Nevada ephedra is wind-pollinated, with male plants growing in dryer areas and female plants growing in wetter ones, an arrangement which is believed to increase the production of seed. Cones mature and pollination occurs in March to June, with seeds ripening in May to August, although seeds are not produced every year. In the wild, seeds are often spread by rodents, and for cultivation, seeds can readily be collected and sown. The plant can also be propagated via transplants and cuttings.

The absence of foliage is beneficial when it comes to gamete dispersal. The feature of having less foliage creates a better means of allowing wind to carry pollen, allowing for a more predictable and systematic form of pollination to occur. Although not typically grazed on by smaller rodents and insects, Ephedra nevadensis is commonly grazed on by larger livestock such as cattle and sheep.

More than other North American Ephedra species, it is a significant forage plant. It is grazed upon by mule deer (Odocoileus hemionus), pronghorn (Antilocapra americana), and desert bighorn sheep (Ovis canadensis) as well as domestic sheep.

== Grazing benefits and toxicity ==
A study was conducted to determine a better understanding of the nutritional potency of Ephedra nevadensis compared Ephedra with orchardgrass hay (Dactylis glomerata) and cheatgrass (Bromus tectorum). It was determined that Ephedra scored second in terms of having the most ammoniacal nitrogen, while also scoring highest in ruminal pH. Results produced that Ephedra could be used as a grazing alternative but cannot be determined as exceptional in terms of nutrition or toxicity. In another study conducted to determine the toxicity of two different varieties of Ephedra (viridis, nevadensis) focusing on maternal and fetal toxicity in livestock, it was concluded that Ephedra nevadensis showed no dietary abnormalities or signs of ailment or toxicity in both the material party and offspring.

==Uses==
Ephedra nevadensis was used for food and medicine by Native Americans and for tea by Mormons. Currently, its biggest use is as forage for sheep and cattle (it is not as good for horses), and for habitat restoration. It is sometimes grown for ornamental purposes. Among the Zuni people an infusion of the whole plant, except for the root, is taken for syphilis. They also use it to make a tea-like beverage.

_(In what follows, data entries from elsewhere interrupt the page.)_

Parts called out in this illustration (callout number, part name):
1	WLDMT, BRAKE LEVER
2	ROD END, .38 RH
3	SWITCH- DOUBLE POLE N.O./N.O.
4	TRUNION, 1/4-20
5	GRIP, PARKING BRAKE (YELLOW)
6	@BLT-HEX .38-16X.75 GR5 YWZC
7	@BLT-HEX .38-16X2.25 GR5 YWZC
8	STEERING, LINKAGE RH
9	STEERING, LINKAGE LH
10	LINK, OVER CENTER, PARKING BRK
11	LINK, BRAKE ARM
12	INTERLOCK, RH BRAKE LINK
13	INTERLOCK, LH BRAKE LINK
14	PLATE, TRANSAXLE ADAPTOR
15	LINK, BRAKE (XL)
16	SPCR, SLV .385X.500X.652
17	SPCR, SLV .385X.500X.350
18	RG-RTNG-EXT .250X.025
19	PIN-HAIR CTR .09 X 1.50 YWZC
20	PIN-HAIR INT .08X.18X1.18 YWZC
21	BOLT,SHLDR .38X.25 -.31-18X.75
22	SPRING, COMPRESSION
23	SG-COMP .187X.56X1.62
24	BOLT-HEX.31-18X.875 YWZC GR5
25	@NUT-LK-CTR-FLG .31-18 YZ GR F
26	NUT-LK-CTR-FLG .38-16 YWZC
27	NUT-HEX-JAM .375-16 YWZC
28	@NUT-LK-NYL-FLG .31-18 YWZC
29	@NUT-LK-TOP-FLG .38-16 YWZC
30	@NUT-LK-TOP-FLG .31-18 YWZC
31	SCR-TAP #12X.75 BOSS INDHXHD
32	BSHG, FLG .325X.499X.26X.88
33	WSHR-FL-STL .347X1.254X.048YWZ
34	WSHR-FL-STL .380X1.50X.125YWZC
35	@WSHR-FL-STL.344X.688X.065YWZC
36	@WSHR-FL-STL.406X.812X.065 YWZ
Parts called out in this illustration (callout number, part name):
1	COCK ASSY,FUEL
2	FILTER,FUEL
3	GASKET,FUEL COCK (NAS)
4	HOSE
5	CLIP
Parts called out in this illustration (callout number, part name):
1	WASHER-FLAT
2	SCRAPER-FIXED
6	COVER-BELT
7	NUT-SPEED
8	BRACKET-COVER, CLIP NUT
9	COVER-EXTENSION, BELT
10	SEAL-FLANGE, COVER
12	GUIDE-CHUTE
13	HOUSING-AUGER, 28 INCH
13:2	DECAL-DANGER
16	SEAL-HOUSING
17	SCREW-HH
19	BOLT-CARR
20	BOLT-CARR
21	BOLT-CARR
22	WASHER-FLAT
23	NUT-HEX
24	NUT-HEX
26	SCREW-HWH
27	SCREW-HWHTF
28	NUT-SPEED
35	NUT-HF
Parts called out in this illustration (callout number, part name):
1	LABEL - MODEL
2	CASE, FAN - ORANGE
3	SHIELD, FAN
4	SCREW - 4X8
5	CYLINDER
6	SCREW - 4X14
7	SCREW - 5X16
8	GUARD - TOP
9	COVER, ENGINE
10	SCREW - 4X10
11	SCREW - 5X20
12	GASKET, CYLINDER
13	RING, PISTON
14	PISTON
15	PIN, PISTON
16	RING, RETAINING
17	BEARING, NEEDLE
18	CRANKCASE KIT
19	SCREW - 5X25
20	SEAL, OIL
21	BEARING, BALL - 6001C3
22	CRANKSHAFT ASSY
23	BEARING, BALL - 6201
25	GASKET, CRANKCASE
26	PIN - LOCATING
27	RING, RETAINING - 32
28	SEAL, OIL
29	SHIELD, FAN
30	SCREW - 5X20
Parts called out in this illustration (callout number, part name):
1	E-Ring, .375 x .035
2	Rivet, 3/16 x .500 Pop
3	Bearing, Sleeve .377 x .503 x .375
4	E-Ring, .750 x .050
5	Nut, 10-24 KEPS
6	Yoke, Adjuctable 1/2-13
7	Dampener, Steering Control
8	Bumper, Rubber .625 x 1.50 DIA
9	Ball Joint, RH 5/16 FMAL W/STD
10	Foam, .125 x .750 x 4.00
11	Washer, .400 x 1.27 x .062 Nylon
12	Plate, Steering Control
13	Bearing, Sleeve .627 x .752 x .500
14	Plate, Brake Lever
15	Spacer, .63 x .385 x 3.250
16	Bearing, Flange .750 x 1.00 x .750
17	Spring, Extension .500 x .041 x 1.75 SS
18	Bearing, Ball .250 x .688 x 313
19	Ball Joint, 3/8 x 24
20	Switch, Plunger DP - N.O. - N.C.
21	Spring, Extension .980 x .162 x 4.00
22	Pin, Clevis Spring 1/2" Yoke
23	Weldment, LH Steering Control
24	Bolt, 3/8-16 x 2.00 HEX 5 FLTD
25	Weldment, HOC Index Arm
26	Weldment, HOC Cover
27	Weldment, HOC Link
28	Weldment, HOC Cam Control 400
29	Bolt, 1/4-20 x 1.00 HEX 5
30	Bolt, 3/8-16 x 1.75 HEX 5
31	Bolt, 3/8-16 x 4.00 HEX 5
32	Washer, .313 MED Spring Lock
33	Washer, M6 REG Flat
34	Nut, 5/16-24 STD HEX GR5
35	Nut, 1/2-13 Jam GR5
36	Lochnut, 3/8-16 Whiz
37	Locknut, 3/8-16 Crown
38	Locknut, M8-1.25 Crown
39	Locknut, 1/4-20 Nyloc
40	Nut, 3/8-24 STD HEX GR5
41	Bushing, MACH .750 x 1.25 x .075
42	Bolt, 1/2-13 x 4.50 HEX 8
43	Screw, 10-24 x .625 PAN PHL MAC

== Medicinal properties ==
Typically the stems are harvested for their beneficial health effects which include helping combat fluid build up and purifying blood. It can be used to treat gonorrhea, early stages of syphilis, topical sores, kidney issues and symptoms associated with respiratory problems. One such condition is asthma where the stems have reportedly helped alleviate pain thus improving the overall condition of the patient. Although other known species of Ephedra do contain ephedrine, Ephedra nevadensis does not contain significant quantities of the stimulant. This being said, this particular species of Ephedra can be utilized domestic settings to treat mild health conditions and alleviate discomfort but would likely not have a major impact in clinical settings with current knowledge about its biochemical composition.